Entries shown =>
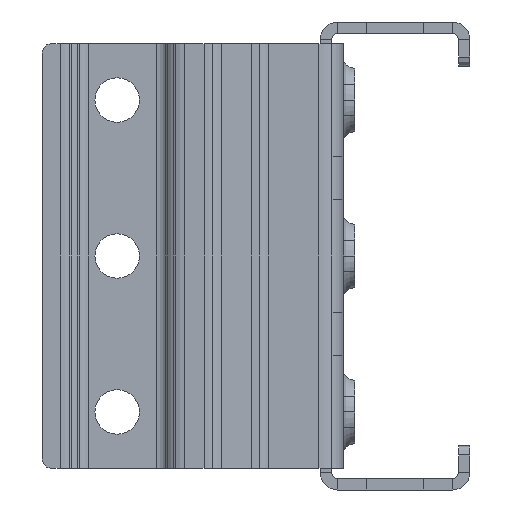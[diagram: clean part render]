
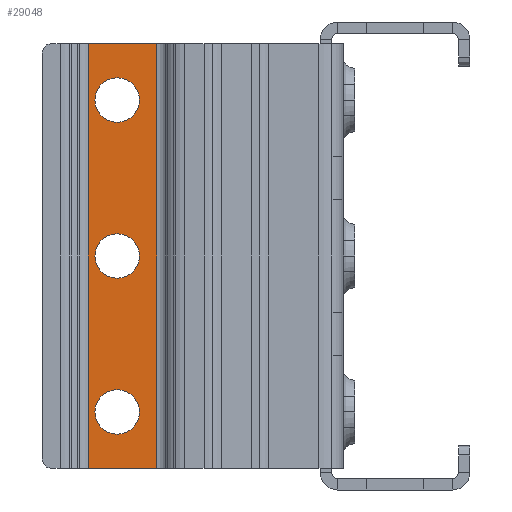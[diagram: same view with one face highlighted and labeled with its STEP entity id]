
A CAD part, left-side view. The second image highlights one B-rep face of the part: STEP entity #29048.
In plain terms, the highlighted planar face has unit normal (-1, 0, 0) as drawn and (0, 0, -1) by its records, which use the part's own axes.
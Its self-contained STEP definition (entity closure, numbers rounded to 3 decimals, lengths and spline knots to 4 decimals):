
#3097 = EDGE_CURVE ( 'NONE', #36203, #36204, #49750, .T. ) ;
#3104 = EDGE_CURVE ( 'NONE', #36207, #36208, #49757, .T. ) ;
#3110 = EDGE_CURVE ( 'NONE', #36211, #36212, #49762, .T. ) ;
#29048 = ADVANCED_FACE ( 'NONE', ( #53051, #53058, #53060, #53062 ), #57217, .T. ) ;
#33702 = ORIENTED_EDGE ( 'NONE', *, *, #36479, .T. ) ;
#33703 = ORIENTED_EDGE ( 'NONE', *, *, #3097, .T. ) ;
#33704 = ORIENTED_EDGE ( 'NONE', *, *, #36480, .T. ) ;
#33705 = ORIENTED_EDGE ( 'NONE', *, *, #3104, .T. ) ;
#33706 = ORIENTED_EDGE ( 'NONE', *, *, #36478, .T. ) ;
#33707 = ORIENTED_EDGE ( 'NONE', *, *, #3110, .T. ) ;
#33708 = ORIENTED_EDGE ( 'NONE', *, *, #36450, .F. ) ;
#33709 = ORIENTED_EDGE ( 'NONE', *, *, #36474, .F. ) ;
#33710 = ORIENTED_EDGE ( 'NONE', *, *, #36431, .T. ) ;
#33711 = ORIENTED_EDGE ( 'NONE', *, *, #36475, .T. ) ;
#35929 = EDGE_LOOP ( 'NONE', ( #33702, #33703 ) ) ;
#35932 = EDGE_LOOP ( 'NONE', ( #33704, #33705 ) ) ;
#35933 = EDGE_LOOP ( 'NONE', ( #33706, #33707 ) ) ;
#35934 = EDGE_LOOP ( 'NONE', ( #33708, #33709, #33710, #33711 ) ) ;
#36203 = VERTEX_POINT ( 'NONE', #66242 ) ;
#36204 = VERTEX_POINT ( 'NONE', #66243 ) ;
#36207 = VERTEX_POINT ( 'NONE', #66246 ) ;
#36208 = VERTEX_POINT ( 'NONE', #66247 ) ;
#36211 = VERTEX_POINT ( 'NONE', #66250 ) ;
#36212 = VERTEX_POINT ( 'NONE', #66251 ) ;
#36270 = VERTEX_POINT ( 'NONE', #66309 ) ;
#36272 = VERTEX_POINT ( 'NONE', #66311 ) ;
#36276 = VERTEX_POINT ( 'NONE', #66315 ) ;
#36282 = VERTEX_POINT ( 'NONE', #66321 ) ;
#36431 = EDGE_CURVE ( 'NONE', #36270, #36272, #64772, .T. ) ;
#36450 = EDGE_CURVE ( 'NONE', #36276, #36282, #64804, .T. ) ;
#36474 = EDGE_CURVE ( 'NONE', #36270, #36276, #64851, .T. ) ;
#36475 = EDGE_CURVE ( 'NONE', #36272, #36282, #64853, .T. ) ;
#36478 = EDGE_CURVE ( 'NONE', #36212, #36211, #64860, .T. ) ;
#36479 = EDGE_CURVE ( 'NONE', #36204, #36203, #64862, .T. ) ;
#36480 = EDGE_CURVE ( 'NONE', #36208, #36207, #64864, .T. ) ;
#45690 = AXIS2_PLACEMENT_3D ( 'NONE', #50881, #50883, #50884 ) ;
#45692 = AXIS2_PLACEMENT_3D ( 'NONE', #50891, #50893, #50894 ) ;
#45694 = AXIS2_PLACEMENT_3D ( 'NONE', #50895, #50903, #50904 ) ;
#49750 = CIRCLE ( 'NONE', #45690, 0.1405 ) ;
#49757 = CIRCLE ( 'NONE', #45692, 0.1405 ) ;
#49762 = CIRCLE ( 'NONE', #45694, 0.1405 ) ;
#50881 = CARTESIAN_POINT ( 'NONE',  ( 0.984, -1.425, -0.231 ) ) ;
#50883 = DIRECTION ( 'NONE',  ( 0., 0., 1. ) ) ;
#50884 = DIRECTION ( 'NONE',  ( 1., 0., 0. ) ) ;
#50891 = CARTESIAN_POINT ( 'NONE',  ( 0., -1.425, -0.231 ) ) ;
#50893 = DIRECTION ( 'NONE',  ( 0., 0., 1. ) ) ;
#50894 = DIRECTION ( 'NONE',  ( 1., 0., 0. ) ) ;
#50895 = CARTESIAN_POINT ( 'NONE',  ( -0.984, -1.425, -0.231 ) ) ;
#50903 = DIRECTION ( 'NONE',  ( 0., 0., 1. ) ) ;
#50904 = DIRECTION ( 'NONE',  ( 1., 0., 0. ) ) ;
#53051 = FACE_BOUND ( 'NONE', #35929, .T. ) ;
#53058 = FACE_BOUND ( 'NONE', #35932, .T. ) ;
#53060 = FACE_BOUND ( 'NONE', #35933, .T. ) ;
#53062 = FACE_OUTER_BOUND ( 'NONE', #35934, .T. ) ;
#55073 = AXIS2_PLACEMENT_3D ( 'NONE', #57220, #57221, #57222 ) ;
#57217 = PLANE ( 'NONE',  #55073 ) ;
#57220 = CARTESIAN_POINT ( 'NONE',  ( 1.34, -1.142, -0.231 ) ) ;
#57221 = DIRECTION ( 'NONE',  ( 0., 0., -1. ) ) ;
#57222 = DIRECTION ( 'NONE',  ( 0., 1., 0. ) ) ;
#62950 = AXIS2_PLACEMENT_3D ( 'NONE', #66715, #66732, #66733 ) ;
#62951 = AXIS2_PLACEMENT_3D ( 'NONE', #66708, #66729, #66730 ) ;
#62952 = AXIS2_PLACEMENT_3D ( 'NONE', #66728, #66735, #66736 ) ;
#64772 = LINE ( 'NONE', #66617, #64780 ) ;
#64780 = VECTOR ( 'NONE', #66620, 39.3701 ) ;
#64804 = LINE ( 'NONE', #66662, #64811 ) ;
#64811 = VECTOR ( 'NONE', #66665, 39.3701 ) ;
#64851 = LINE ( 'NONE', #66720, #64852 ) ;
#64852 = VECTOR ( 'NONE', #66721, 39.3701 ) ;
#64853 = LINE ( 'NONE', #66722, #64854 ) ;
#64854 = VECTOR ( 'NONE', #66723, 39.3701 ) ;
#64860 = CIRCLE ( 'NONE', #62951, 0.1405 ) ;
#64862 = CIRCLE ( 'NONE', #62950, 0.1405 ) ;
#64864 = CIRCLE ( 'NONE', #62952, 0.1405 ) ;
#66242 = CARTESIAN_POINT ( 'NONE',  ( 0.8435, -1.425, -0.231 ) ) ;
#66243 = CARTESIAN_POINT ( 'NONE',  ( 1.1245, -1.425, -0.231 ) ) ;
#66246 = CARTESIAN_POINT ( 'NONE',  ( -0.1405, -1.425, -0.231 ) ) ;
#66247 = CARTESIAN_POINT ( 'NONE',  ( 0.1405, -1.425, -0.231 ) ) ;
#66250 = CARTESIAN_POINT ( 'NONE',  ( -1.1245, -1.425, -0.231 ) ) ;
#66251 = CARTESIAN_POINT ( 'NONE',  ( -0.8435, -1.425, -0.231 ) ) ;
#66309 = CARTESIAN_POINT ( 'NONE',  ( 1.34, -1.1751, -0.231 ) ) ;
#66311 = CARTESIAN_POINT ( 'NONE',  ( 1.34, -1.6079, -0.231 ) ) ;
#66315 = CARTESIAN_POINT ( 'NONE',  ( -1.34, -1.1751, -0.231 ) ) ;
#66321 = CARTESIAN_POINT ( 'NONE',  ( -1.34, -1.6079, -0.231 ) ) ;
#66617 = CARTESIAN_POINT ( 'NONE',  ( 1.34, -1.142, -0.231 ) ) ;
#66620 = DIRECTION ( 'NONE',  ( 0., -1., 0. ) ) ;
#66662 = CARTESIAN_POINT ( 'NONE',  ( -1.34, -1.142, -0.231 ) ) ;
#66665 = DIRECTION ( 'NONE',  ( 0., -1., 0. ) ) ;
#66708 = CARTESIAN_POINT ( 'NONE',  ( -0.984, -1.425, -0.231 ) ) ;
#66715 = CARTESIAN_POINT ( 'NONE',  ( 0.984, -1.425, -0.231 ) ) ;
#66720 = CARTESIAN_POINT ( 'NONE',  ( 1.34, -1.1751, -0.231 ) ) ;
#66721 = DIRECTION ( 'NONE',  ( -1., 0., 0. ) ) ;
#66722 = CARTESIAN_POINT ( 'NONE',  ( 1.34, -1.6079, -0.231 ) ) ;
#66723 = DIRECTION ( 'NONE',  ( -1., 0., 0. ) ) ;
#66728 = CARTESIAN_POINT ( 'NONE',  ( 0., -1.425, -0.231 ) ) ;
#66729 = DIRECTION ( 'NONE',  ( 0., 0., 1. ) ) ;
#66730 = DIRECTION ( 'NONE',  ( 1., 0., 0. ) ) ;
#66732 = DIRECTION ( 'NONE',  ( 0., 0., 1. ) ) ;
#66733 = DIRECTION ( 'NONE',  ( 1., 0., 0. ) ) ;
#66735 = DIRECTION ( 'NONE',  ( 0., 0., 1. ) ) ;
#66736 = DIRECTION ( 'NONE',  ( 1., 0., 0. ) ) ;

Your objective => Reproduce the line containing "#66721 = DIRECTION" and every line after it. Stop at the last line of the records, and add nothing.

Finished exercise =>
#66721 = DIRECTION ( 'NONE',  ( -1., 0., 0. ) ) ;
#66722 = CARTESIAN_POINT ( 'NONE',  ( 1.34, -1.6079, -0.231 ) ) ;
#66723 = DIRECTION ( 'NONE',  ( -1., 0., 0. ) ) ;
#66728 = CARTESIAN_POINT ( 'NONE',  ( 0., -1.425, -0.231 ) ) ;
#66729 = DIRECTION ( 'NONE',  ( 0., 0., 1. ) ) ;
#66730 = DIRECTION ( 'NONE',  ( 1., 0., 0. ) ) ;
#66732 = DIRECTION ( 'NONE',  ( 0., 0., 1. ) ) ;
#66733 = DIRECTION ( 'NONE',  ( 1., 0., 0. ) ) ;
#66735 = DIRECTION ( 'NONE',  ( 0., 0., 1. ) ) ;
#66736 = DIRECTION ( 'NONE',  ( 1., 0., 0. ) ) ;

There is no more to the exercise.